◆ **Records provided**:
# # # # #

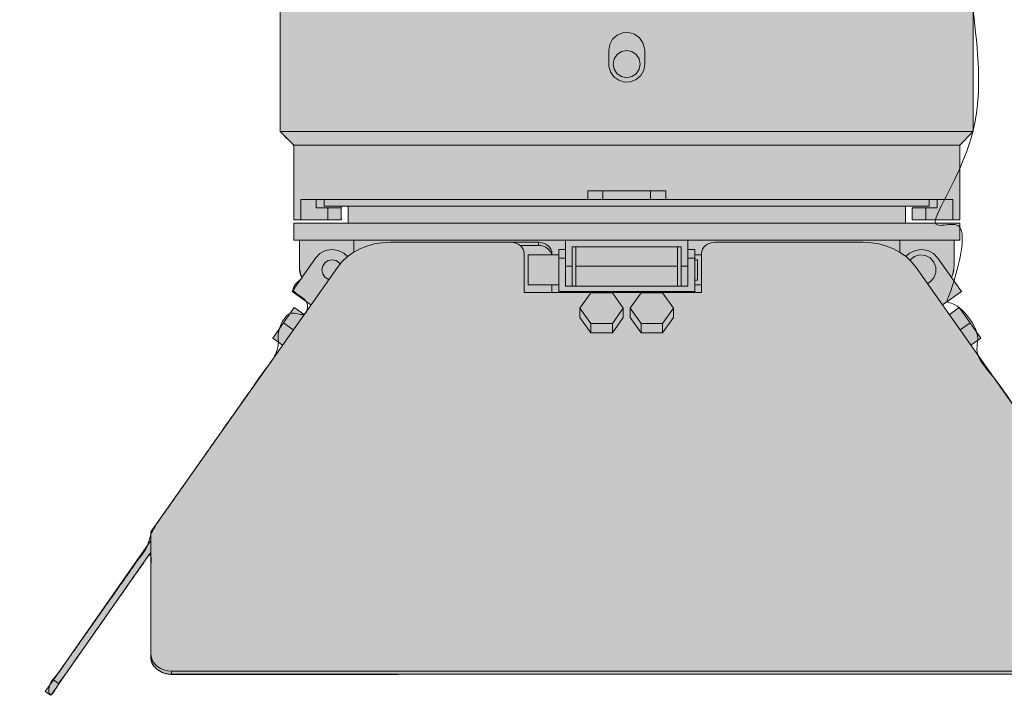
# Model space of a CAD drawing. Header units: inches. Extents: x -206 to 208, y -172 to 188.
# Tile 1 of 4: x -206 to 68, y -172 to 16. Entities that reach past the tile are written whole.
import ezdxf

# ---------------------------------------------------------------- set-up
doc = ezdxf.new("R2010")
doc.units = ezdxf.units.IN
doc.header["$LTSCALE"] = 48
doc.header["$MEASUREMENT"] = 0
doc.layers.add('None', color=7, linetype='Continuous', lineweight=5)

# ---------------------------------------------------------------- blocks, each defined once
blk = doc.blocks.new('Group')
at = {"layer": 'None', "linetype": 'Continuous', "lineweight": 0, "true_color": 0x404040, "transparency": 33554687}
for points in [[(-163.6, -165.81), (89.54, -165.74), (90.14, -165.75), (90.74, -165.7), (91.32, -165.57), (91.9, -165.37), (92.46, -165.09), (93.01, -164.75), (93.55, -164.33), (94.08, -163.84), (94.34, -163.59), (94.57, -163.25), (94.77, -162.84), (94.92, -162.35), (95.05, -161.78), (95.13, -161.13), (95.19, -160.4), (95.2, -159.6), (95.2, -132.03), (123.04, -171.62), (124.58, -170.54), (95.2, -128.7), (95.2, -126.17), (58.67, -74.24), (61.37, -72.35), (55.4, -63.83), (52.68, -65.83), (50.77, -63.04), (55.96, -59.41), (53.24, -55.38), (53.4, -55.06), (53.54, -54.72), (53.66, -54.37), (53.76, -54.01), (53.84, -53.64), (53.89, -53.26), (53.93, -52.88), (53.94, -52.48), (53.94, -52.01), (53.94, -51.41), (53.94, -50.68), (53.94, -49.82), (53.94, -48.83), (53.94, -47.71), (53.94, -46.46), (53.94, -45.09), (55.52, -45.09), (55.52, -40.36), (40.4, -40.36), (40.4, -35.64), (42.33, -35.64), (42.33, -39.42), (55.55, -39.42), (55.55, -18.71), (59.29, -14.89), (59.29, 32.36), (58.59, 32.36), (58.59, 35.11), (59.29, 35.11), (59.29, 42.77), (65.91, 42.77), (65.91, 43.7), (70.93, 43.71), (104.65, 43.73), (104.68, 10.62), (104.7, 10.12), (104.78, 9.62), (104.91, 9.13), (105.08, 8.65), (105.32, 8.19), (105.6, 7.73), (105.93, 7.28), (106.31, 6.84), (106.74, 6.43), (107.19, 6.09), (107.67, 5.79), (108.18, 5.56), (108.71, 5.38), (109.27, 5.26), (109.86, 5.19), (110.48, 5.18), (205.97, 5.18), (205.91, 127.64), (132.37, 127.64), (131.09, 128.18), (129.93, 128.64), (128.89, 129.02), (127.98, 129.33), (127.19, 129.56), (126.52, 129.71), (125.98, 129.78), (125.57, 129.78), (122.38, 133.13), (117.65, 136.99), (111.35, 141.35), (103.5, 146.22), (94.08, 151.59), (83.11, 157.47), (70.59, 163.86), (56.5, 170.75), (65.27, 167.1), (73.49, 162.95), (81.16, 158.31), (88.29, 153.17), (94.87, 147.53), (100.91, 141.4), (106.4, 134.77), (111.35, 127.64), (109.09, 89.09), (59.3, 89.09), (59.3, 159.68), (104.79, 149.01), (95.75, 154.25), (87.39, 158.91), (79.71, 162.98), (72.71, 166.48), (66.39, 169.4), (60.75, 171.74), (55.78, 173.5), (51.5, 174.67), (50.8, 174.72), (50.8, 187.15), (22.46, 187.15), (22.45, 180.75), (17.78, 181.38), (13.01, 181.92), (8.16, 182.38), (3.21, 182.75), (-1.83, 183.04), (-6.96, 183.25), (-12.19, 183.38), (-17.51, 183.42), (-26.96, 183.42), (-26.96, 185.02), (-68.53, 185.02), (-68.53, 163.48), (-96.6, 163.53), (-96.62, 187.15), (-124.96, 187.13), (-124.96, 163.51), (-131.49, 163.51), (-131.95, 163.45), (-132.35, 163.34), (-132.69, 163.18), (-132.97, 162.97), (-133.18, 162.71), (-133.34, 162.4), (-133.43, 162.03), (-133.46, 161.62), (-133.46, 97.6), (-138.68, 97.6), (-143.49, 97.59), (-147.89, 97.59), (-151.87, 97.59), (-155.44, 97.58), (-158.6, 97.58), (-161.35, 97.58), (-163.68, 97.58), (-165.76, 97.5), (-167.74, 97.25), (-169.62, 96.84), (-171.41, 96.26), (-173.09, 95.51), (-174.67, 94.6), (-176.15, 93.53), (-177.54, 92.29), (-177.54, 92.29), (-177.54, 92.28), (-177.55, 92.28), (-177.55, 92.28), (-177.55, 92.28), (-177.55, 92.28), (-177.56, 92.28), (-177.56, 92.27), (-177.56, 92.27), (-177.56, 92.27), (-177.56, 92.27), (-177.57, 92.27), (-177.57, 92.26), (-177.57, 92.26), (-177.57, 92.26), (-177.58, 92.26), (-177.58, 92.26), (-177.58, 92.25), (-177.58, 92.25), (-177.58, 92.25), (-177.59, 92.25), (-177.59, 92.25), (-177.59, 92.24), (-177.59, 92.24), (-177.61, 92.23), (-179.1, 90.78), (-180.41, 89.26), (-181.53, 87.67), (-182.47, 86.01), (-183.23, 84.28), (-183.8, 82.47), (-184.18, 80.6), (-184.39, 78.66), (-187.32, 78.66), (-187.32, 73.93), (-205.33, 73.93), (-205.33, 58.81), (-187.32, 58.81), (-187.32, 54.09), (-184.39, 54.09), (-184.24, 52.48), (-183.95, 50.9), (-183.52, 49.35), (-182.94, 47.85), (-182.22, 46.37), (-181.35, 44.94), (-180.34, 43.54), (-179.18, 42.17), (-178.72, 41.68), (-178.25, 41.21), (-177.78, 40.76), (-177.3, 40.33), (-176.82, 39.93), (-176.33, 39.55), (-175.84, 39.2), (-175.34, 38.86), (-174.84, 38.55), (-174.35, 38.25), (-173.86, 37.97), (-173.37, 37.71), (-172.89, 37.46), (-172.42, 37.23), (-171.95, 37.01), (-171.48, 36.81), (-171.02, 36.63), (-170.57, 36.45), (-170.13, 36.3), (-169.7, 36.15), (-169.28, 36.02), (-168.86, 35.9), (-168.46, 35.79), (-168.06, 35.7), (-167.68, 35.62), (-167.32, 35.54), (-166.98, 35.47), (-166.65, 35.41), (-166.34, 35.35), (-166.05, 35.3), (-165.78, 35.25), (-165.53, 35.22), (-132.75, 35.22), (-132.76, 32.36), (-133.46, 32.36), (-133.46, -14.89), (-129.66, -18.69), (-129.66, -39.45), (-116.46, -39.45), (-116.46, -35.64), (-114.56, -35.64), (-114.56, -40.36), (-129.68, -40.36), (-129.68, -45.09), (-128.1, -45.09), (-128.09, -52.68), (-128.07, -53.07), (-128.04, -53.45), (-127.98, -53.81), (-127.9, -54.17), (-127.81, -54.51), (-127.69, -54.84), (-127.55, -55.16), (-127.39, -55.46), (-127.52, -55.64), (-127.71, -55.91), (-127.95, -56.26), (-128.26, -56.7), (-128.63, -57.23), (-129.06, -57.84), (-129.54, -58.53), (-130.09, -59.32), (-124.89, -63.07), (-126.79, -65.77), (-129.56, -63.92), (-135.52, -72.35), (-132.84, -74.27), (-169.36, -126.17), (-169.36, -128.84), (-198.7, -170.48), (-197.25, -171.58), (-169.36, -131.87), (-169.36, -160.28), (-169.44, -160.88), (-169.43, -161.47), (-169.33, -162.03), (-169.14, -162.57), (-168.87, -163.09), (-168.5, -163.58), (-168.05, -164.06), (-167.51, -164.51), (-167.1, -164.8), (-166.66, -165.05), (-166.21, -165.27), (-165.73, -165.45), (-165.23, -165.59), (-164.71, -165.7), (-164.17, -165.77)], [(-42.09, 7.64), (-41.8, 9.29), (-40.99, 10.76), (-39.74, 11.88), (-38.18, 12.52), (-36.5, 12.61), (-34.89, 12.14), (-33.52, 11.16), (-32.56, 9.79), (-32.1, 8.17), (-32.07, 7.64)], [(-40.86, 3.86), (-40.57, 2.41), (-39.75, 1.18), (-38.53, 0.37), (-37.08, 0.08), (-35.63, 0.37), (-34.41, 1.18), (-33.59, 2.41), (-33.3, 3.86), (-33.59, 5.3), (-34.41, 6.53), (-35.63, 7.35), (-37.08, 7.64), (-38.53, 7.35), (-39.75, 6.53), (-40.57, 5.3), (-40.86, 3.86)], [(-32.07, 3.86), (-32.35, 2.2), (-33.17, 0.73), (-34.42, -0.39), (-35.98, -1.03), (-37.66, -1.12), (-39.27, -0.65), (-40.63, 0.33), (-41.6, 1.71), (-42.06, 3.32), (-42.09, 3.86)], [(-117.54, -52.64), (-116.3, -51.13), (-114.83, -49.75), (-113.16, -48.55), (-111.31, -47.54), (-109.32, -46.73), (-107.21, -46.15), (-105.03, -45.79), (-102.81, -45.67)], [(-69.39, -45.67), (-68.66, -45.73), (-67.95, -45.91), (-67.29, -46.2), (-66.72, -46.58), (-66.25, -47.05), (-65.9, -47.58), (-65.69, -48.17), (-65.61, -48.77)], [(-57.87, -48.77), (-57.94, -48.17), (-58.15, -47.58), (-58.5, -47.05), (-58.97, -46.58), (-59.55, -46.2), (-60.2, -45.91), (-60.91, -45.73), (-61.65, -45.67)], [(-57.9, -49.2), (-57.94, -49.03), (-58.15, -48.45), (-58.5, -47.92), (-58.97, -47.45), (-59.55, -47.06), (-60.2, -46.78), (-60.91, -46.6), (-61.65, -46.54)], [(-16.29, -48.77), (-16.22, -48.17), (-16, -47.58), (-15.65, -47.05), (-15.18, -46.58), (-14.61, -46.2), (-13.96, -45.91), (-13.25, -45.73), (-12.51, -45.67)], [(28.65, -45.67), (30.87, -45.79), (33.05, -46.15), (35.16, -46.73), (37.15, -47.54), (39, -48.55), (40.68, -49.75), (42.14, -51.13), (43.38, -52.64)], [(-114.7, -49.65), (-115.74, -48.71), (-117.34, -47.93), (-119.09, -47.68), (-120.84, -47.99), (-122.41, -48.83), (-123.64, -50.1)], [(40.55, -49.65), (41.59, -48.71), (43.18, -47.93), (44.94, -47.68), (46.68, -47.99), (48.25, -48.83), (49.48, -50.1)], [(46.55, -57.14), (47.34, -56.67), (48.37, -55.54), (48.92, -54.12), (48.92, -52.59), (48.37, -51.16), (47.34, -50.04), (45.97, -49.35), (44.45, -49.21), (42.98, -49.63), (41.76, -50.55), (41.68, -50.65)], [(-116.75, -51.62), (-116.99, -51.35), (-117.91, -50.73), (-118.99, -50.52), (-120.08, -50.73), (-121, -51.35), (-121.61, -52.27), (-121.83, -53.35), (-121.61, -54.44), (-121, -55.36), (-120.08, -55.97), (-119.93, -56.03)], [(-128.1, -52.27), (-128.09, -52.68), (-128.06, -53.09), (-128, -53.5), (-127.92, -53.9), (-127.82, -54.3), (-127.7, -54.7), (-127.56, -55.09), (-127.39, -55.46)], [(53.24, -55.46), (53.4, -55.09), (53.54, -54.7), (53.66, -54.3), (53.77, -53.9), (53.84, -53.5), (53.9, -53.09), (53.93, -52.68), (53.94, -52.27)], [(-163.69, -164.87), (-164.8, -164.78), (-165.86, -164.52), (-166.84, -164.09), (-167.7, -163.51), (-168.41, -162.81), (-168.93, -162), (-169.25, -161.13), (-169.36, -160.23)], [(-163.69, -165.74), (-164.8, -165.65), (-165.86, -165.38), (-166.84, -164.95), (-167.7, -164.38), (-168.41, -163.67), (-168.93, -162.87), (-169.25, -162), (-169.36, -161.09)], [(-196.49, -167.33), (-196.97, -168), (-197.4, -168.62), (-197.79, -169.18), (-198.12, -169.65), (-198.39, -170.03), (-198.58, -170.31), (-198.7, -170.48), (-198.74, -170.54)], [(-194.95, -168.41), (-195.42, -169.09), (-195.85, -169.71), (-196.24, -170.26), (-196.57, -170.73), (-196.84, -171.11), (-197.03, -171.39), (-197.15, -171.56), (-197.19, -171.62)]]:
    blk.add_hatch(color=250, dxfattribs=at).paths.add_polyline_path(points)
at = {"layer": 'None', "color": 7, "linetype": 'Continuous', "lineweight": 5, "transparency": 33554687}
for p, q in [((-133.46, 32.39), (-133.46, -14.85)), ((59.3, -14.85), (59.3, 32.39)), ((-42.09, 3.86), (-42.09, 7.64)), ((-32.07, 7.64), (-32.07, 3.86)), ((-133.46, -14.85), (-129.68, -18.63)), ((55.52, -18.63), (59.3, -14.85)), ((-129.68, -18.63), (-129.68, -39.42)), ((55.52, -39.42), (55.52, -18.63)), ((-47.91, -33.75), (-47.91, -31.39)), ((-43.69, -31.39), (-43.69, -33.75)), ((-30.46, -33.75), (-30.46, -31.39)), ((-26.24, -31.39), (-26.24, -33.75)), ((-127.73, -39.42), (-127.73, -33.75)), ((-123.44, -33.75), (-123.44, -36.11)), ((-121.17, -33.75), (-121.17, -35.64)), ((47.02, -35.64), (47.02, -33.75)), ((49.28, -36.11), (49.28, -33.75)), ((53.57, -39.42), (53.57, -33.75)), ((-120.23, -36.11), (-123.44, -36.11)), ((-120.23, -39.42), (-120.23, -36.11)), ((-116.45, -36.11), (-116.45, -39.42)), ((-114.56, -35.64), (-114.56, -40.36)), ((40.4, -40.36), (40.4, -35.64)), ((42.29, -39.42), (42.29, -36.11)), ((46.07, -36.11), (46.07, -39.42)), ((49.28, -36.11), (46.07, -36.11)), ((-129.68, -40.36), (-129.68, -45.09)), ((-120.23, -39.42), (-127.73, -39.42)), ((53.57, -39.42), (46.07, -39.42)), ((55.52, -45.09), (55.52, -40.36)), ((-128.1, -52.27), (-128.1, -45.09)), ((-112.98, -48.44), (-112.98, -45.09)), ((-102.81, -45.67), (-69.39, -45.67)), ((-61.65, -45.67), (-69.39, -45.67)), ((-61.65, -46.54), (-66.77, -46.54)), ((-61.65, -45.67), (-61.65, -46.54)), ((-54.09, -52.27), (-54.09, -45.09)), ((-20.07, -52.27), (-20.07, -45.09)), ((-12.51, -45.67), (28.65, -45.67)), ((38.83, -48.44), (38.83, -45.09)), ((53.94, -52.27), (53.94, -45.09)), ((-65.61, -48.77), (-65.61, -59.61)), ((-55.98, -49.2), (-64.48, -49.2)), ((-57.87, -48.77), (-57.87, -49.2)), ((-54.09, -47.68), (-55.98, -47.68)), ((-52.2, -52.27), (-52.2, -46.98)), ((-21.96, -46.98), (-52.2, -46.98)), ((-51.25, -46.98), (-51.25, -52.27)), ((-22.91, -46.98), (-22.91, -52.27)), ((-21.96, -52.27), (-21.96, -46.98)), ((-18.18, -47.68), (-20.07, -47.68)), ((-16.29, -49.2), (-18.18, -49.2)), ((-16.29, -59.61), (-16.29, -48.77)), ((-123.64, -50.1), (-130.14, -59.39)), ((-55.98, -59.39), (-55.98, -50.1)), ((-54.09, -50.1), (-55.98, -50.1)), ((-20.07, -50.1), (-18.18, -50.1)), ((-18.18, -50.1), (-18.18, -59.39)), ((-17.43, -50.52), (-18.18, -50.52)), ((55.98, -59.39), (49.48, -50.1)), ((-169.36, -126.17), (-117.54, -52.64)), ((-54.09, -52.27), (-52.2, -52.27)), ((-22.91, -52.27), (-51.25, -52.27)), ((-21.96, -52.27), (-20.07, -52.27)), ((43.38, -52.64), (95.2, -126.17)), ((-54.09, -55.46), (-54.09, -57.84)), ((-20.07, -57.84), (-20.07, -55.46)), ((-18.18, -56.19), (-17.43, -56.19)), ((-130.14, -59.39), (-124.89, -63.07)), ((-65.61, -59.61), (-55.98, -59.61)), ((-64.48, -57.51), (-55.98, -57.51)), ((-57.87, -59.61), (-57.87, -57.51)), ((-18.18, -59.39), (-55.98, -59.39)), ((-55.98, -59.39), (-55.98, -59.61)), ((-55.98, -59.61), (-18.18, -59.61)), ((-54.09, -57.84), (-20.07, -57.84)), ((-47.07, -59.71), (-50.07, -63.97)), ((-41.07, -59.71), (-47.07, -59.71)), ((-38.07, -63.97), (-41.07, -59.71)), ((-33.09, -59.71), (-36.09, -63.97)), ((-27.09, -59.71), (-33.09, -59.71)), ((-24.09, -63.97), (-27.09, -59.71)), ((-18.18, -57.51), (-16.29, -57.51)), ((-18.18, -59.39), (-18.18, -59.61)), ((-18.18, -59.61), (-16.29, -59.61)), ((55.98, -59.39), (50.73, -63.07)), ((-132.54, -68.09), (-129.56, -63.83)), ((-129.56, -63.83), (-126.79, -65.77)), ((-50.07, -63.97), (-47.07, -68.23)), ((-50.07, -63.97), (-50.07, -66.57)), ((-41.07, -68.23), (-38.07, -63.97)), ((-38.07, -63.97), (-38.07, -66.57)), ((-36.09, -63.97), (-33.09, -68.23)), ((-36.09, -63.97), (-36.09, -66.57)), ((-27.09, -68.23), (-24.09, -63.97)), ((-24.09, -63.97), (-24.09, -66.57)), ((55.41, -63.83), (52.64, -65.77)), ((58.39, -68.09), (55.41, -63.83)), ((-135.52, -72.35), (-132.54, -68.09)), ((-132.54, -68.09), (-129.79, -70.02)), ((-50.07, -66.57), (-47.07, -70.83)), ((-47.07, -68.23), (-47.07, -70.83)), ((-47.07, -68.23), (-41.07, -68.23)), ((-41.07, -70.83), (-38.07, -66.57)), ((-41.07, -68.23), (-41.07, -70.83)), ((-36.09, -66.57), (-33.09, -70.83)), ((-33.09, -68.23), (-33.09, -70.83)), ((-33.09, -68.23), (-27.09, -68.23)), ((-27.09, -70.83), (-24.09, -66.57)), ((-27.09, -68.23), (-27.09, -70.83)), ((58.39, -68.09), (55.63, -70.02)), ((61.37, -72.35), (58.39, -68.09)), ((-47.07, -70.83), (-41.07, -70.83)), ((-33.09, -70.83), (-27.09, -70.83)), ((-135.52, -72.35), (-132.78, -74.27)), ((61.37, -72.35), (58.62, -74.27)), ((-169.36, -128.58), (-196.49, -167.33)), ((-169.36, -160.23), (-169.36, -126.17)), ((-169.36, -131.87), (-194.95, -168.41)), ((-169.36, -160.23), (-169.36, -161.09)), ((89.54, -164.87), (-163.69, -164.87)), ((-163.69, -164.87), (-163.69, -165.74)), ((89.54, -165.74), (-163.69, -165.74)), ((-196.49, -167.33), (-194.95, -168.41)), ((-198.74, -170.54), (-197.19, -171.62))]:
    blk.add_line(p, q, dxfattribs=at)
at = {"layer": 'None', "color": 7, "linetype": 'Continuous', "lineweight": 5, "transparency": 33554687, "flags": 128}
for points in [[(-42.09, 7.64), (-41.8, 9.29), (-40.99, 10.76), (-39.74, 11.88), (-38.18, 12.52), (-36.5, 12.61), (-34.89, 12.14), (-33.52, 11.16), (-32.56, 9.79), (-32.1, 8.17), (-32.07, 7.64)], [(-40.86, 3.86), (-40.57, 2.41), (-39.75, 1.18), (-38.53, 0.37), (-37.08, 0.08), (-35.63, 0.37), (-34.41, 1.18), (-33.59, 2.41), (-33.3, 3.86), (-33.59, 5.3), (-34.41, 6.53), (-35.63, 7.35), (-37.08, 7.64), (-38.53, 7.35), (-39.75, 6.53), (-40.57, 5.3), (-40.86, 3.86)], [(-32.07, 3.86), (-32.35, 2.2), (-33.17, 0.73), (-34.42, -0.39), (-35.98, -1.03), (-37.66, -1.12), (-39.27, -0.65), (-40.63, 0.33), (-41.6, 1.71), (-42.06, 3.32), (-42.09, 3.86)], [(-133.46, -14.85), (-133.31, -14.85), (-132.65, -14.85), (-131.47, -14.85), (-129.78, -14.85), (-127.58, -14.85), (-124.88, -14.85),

# # # # #

◆ **Directions**: Find the lines in the entries above where "blocks" occurs, and copy each of them.

◆ **Output for this exercise**:
# ---------------------------------------------------------------- blocks, each defined once
blk = doc.blocks.new('Group')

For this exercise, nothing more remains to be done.